(Data Opens)
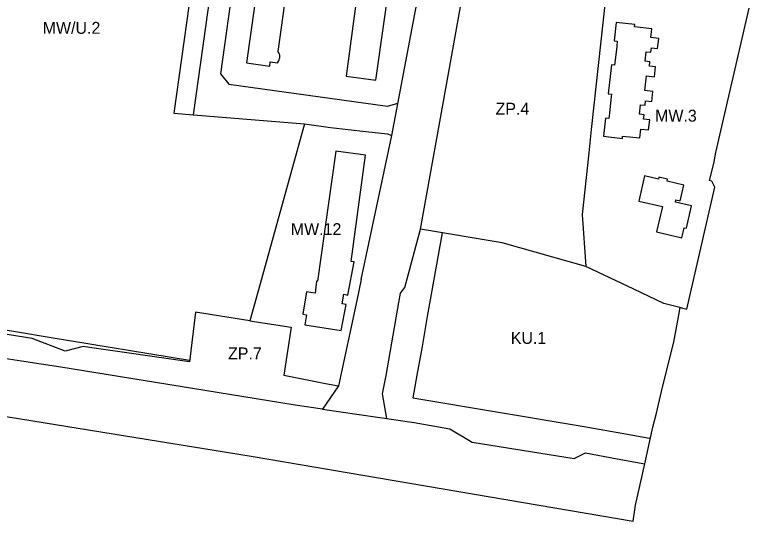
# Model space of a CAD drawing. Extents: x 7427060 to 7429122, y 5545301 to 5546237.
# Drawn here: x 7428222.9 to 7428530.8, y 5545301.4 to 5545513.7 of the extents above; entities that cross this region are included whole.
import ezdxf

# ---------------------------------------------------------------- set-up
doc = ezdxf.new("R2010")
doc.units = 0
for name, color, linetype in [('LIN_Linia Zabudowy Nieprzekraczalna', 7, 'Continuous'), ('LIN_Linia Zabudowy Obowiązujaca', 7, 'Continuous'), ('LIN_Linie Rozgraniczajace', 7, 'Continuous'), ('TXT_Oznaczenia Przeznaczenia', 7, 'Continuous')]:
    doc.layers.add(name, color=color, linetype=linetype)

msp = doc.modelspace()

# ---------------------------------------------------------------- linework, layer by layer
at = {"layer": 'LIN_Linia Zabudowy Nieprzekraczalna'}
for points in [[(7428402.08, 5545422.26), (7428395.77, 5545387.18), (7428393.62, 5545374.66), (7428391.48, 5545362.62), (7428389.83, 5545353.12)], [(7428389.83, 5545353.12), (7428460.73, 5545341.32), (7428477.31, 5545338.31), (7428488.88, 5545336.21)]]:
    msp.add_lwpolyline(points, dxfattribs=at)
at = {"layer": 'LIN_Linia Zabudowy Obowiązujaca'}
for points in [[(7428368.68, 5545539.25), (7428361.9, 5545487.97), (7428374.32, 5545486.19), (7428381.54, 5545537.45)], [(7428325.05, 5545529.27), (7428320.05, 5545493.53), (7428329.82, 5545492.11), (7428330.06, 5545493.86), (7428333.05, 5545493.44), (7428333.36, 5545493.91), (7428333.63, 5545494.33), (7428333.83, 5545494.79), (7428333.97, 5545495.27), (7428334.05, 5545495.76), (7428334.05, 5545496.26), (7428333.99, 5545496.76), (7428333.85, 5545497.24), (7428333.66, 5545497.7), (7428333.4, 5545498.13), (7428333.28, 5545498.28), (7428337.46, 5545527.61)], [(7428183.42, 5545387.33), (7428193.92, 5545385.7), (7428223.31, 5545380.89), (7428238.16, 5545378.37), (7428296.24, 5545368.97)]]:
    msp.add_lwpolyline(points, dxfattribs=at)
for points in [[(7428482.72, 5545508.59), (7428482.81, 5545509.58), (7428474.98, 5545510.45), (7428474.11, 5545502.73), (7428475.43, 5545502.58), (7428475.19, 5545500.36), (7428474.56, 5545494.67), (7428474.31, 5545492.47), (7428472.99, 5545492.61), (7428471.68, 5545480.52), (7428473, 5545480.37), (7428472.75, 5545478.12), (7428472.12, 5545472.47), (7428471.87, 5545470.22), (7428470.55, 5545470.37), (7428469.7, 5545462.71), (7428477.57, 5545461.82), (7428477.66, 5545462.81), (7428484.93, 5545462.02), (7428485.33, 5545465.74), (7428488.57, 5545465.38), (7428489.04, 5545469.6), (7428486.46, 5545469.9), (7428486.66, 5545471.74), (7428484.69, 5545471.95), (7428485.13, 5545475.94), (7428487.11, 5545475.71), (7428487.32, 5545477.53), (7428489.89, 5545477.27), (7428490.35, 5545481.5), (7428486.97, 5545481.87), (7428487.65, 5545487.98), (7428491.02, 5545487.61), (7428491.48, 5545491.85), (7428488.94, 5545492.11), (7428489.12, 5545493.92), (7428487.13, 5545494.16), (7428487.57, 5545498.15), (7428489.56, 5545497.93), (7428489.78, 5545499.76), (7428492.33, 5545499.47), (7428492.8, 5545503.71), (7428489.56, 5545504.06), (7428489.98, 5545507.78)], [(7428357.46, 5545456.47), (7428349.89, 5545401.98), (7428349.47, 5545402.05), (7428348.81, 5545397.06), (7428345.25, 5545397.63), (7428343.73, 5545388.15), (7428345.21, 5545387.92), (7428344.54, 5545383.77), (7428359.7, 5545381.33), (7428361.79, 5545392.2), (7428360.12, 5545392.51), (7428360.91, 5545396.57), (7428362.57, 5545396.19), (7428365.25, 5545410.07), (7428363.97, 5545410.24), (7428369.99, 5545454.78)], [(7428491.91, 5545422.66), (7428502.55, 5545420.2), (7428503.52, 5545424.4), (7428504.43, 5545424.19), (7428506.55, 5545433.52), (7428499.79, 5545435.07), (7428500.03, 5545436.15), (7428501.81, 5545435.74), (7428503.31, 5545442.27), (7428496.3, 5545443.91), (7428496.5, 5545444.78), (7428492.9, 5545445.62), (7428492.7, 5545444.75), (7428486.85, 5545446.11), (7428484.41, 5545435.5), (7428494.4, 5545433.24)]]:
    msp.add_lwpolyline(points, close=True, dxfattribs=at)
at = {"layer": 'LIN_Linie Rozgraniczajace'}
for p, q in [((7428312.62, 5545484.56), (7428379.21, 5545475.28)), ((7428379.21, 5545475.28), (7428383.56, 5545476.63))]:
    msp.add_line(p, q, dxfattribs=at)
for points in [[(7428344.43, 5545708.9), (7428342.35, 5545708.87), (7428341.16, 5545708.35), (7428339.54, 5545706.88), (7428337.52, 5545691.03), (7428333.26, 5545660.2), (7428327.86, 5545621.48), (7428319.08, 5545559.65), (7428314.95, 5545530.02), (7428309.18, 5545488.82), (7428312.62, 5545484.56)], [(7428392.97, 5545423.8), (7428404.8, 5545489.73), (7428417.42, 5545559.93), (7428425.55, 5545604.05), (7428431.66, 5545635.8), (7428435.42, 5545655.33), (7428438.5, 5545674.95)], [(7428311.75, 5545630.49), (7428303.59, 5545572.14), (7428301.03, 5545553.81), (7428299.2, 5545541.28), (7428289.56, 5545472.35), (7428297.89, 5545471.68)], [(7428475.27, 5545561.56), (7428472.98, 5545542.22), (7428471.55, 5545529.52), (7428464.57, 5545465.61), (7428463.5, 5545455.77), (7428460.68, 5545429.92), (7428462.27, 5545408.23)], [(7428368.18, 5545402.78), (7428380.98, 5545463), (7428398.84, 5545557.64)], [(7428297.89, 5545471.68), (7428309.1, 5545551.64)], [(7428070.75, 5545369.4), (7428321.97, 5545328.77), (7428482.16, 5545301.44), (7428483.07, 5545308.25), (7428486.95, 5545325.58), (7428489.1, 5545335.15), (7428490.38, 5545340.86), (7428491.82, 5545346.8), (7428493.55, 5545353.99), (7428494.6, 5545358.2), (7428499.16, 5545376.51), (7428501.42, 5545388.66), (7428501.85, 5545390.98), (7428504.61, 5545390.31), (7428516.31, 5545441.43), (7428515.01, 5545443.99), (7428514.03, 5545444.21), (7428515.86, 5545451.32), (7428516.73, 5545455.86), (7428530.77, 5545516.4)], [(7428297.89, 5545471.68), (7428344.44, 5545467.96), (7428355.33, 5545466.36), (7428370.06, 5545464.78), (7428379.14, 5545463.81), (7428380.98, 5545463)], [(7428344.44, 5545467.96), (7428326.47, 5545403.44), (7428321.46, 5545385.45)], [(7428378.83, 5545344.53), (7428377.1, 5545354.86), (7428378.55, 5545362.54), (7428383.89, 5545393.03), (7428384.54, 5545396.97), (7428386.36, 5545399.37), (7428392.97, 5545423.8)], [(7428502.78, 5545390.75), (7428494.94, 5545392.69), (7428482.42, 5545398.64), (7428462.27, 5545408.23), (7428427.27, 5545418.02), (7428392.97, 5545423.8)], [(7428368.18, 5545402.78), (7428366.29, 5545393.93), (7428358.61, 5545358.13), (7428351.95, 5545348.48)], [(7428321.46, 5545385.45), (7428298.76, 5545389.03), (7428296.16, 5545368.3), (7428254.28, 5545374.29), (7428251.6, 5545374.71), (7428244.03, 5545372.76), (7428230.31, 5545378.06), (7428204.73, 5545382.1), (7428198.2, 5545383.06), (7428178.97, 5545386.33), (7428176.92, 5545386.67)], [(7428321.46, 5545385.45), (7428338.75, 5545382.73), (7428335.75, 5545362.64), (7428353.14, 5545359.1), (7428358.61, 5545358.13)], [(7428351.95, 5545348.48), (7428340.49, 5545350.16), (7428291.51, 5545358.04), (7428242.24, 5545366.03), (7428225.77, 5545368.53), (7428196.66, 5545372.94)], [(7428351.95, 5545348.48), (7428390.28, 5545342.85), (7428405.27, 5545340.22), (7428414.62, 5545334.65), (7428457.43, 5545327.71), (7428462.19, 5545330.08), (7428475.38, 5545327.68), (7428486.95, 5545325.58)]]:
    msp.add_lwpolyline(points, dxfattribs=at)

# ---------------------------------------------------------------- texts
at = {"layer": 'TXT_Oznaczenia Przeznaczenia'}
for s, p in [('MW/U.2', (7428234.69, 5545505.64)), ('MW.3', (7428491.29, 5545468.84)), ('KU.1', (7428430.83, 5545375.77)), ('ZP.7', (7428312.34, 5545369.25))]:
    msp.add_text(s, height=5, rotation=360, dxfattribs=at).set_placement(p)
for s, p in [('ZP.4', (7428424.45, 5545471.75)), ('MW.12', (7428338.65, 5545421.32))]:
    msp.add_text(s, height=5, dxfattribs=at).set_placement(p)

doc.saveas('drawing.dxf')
(Data Closes)
Task to complete
Extract all lines from the data in which "linetype" is found.

Exercise result
for name, color, linetype in [('LIN_Linia Zabudowy Nieprzekraczalna', 7, 'Continuous'), ('LIN_Linia Zabudowy Obowiązujaca', 7, 'Continuous'), ('LIN_Linie Rozgraniczajace', 7, 'Continuous'), ('TXT_Oznaczenia Przeznaczenia', 7, 'Continuous')]:
    doc.layers.add(name, color=color, linetype=linetype)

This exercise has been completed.